A previsão está contida expressamente na Res. TSE nº 21.538/2003, que trata do alistamento e do processamento dos dados contidos no cadastro eleitoral, tendo sido as alterações incluídas no ano de 2018.

Para os fins da norma, considera-se nome social "a designação pela qual a pessoa travesti ou transexual se identifica e é socialmente reconhecida" e identidade de gênero "a dimensão da identidade de uma pessoa que diz respeito à forma como se relaciona com as representações de masculinidade e feminilidade e como isso se traduz em sua prática social, sem guardar necessária relação com o sexo biológico atribuído no nascimento" (art. 9º-A, §§1º e 2º).

No cadastro eleitoral serão incluídos os dados referentes ao nome social e à identidade de gênero, mas preservados os dados do registro civil, não sendo aceito nome social considerado ridículo ou que atente contra o pudor (art. 9º-A, §3º).
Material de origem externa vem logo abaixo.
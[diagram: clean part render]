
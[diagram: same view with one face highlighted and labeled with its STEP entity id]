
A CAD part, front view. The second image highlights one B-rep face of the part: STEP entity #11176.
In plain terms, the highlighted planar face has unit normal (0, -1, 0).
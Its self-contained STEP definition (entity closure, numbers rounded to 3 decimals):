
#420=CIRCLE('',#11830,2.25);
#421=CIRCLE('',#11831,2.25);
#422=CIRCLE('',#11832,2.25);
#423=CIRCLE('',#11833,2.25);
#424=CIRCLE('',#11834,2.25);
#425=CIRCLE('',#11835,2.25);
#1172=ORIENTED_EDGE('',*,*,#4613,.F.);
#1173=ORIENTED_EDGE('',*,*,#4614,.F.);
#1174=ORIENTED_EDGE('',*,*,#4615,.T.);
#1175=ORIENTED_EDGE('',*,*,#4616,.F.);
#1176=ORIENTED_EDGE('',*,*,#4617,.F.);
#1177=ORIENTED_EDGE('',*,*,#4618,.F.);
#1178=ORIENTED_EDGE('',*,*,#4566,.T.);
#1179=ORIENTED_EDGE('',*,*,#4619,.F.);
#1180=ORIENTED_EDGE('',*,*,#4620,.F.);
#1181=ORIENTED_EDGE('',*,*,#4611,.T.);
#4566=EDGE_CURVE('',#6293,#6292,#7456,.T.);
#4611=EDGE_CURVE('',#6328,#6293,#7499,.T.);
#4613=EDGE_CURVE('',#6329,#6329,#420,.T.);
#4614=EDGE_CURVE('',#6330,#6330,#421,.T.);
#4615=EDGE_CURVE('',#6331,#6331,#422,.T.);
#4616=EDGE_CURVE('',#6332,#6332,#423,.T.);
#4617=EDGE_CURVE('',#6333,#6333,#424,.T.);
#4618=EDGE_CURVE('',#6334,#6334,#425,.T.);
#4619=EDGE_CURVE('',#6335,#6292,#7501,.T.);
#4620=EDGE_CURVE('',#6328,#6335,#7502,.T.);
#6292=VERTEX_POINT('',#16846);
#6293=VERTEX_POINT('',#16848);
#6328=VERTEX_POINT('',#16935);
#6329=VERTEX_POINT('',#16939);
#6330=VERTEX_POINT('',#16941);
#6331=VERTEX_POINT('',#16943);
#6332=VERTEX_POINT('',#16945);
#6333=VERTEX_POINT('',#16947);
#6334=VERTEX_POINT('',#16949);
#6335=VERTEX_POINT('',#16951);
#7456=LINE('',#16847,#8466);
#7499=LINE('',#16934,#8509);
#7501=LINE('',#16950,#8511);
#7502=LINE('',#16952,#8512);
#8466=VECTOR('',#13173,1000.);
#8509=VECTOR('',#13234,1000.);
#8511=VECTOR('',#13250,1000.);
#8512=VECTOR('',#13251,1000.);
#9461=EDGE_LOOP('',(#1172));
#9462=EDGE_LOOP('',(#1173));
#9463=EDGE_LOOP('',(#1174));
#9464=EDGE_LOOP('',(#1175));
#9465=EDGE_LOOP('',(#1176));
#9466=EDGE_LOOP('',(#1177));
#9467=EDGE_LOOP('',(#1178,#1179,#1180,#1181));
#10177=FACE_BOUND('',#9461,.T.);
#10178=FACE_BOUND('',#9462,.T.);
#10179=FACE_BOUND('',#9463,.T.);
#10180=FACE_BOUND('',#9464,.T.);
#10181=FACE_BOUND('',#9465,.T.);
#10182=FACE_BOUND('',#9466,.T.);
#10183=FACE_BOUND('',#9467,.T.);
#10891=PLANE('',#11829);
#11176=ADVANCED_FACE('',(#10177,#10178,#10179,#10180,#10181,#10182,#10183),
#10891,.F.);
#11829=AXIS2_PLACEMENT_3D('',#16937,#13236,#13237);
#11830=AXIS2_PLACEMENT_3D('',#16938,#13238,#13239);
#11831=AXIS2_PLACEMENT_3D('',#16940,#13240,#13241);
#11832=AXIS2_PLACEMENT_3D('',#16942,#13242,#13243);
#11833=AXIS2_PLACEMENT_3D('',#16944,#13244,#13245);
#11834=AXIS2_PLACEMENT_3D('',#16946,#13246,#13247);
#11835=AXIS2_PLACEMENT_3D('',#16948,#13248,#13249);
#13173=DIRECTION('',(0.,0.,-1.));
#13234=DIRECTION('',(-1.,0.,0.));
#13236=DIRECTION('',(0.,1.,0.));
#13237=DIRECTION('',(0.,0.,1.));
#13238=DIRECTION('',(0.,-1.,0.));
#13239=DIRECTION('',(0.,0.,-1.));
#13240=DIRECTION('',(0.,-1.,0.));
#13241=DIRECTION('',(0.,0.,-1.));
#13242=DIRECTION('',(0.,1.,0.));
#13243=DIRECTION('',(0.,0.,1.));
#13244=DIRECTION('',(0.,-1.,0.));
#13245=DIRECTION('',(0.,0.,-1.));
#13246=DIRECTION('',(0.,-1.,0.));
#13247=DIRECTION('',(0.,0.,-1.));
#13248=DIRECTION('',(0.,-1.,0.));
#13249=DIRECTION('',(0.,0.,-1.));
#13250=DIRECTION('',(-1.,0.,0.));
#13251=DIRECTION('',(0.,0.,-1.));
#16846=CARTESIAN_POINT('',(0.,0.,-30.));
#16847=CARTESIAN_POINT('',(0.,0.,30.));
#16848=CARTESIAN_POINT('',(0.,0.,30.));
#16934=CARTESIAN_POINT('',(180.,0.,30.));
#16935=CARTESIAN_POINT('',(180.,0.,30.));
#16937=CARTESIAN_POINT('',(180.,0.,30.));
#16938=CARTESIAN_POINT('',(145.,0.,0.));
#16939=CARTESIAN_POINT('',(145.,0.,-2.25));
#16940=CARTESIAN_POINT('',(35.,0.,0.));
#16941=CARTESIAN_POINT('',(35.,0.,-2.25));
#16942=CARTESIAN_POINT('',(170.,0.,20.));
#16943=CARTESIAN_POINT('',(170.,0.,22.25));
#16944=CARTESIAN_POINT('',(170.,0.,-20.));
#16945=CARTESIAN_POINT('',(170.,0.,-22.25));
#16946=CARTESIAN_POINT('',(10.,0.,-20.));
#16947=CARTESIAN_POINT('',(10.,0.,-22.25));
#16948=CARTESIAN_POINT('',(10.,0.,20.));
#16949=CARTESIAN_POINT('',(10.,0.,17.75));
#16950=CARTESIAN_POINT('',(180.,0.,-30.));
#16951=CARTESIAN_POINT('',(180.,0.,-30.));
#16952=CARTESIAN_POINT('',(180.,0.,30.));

Quanto a este aspecto, fica a critério do juiz eleitoral, responsável pelo gerenciamento do cadastro de cada zona, promover a verificação de eventual violação a este dispositivo, quando da análise dos requerimentos para fins de deferimento ou indeferimento, podendo determinar a realização de diligências com o intuito de constatar se realmente a pessoa é reconhecida pelo nome que propôs e/ou adverti-lo(a) de possível indeferimento em caso de ser "ridículo" ou "atentar contra o pudor", como a própria norma menciona.

A norma não exige que o(a) eleitor(a) traga qualquer comprovação de que é reconhecido pelo nome social ou pela identidade de gênero declarados, sendo suficiente a autodeclaração junto ao servidor que realizar o atendimento e a assinatura ao final do processo, ficando a cargo da Justiça Eleitoral realizar as diligências necessárias em caso de dúvidas fundadas.

Efetivada a alteração e deferido o pedido pelo juiz eleitoral, o nome social passará a constar do título de eleitor impresso ou digital e a divulgação dos dados do(a) eleitor(a) passará a ser realizada unicamente pelo nome social e identidade de gênero indicados por ele(a), ficando restrita a divulgação de dados diferentes desses, inclusive na folha de votação no dia do pleito e eventuais convocações para trabalhar junto Justiça Eleitoral (arts. 9º-B, 9º-C e 9º-D).

Considerando que hoje, 29/01, é o Dia Nacional da Visibilidade de Transexuais e Travestis, o Instituto Novo Eleitoral apresenta esse importante avanço no que diz respeito aos direitos civis de identificação dos travestis e transexuais, reconhecendo a vanguarda da Justiça Eleitoral no reconhecimento de tais direitos.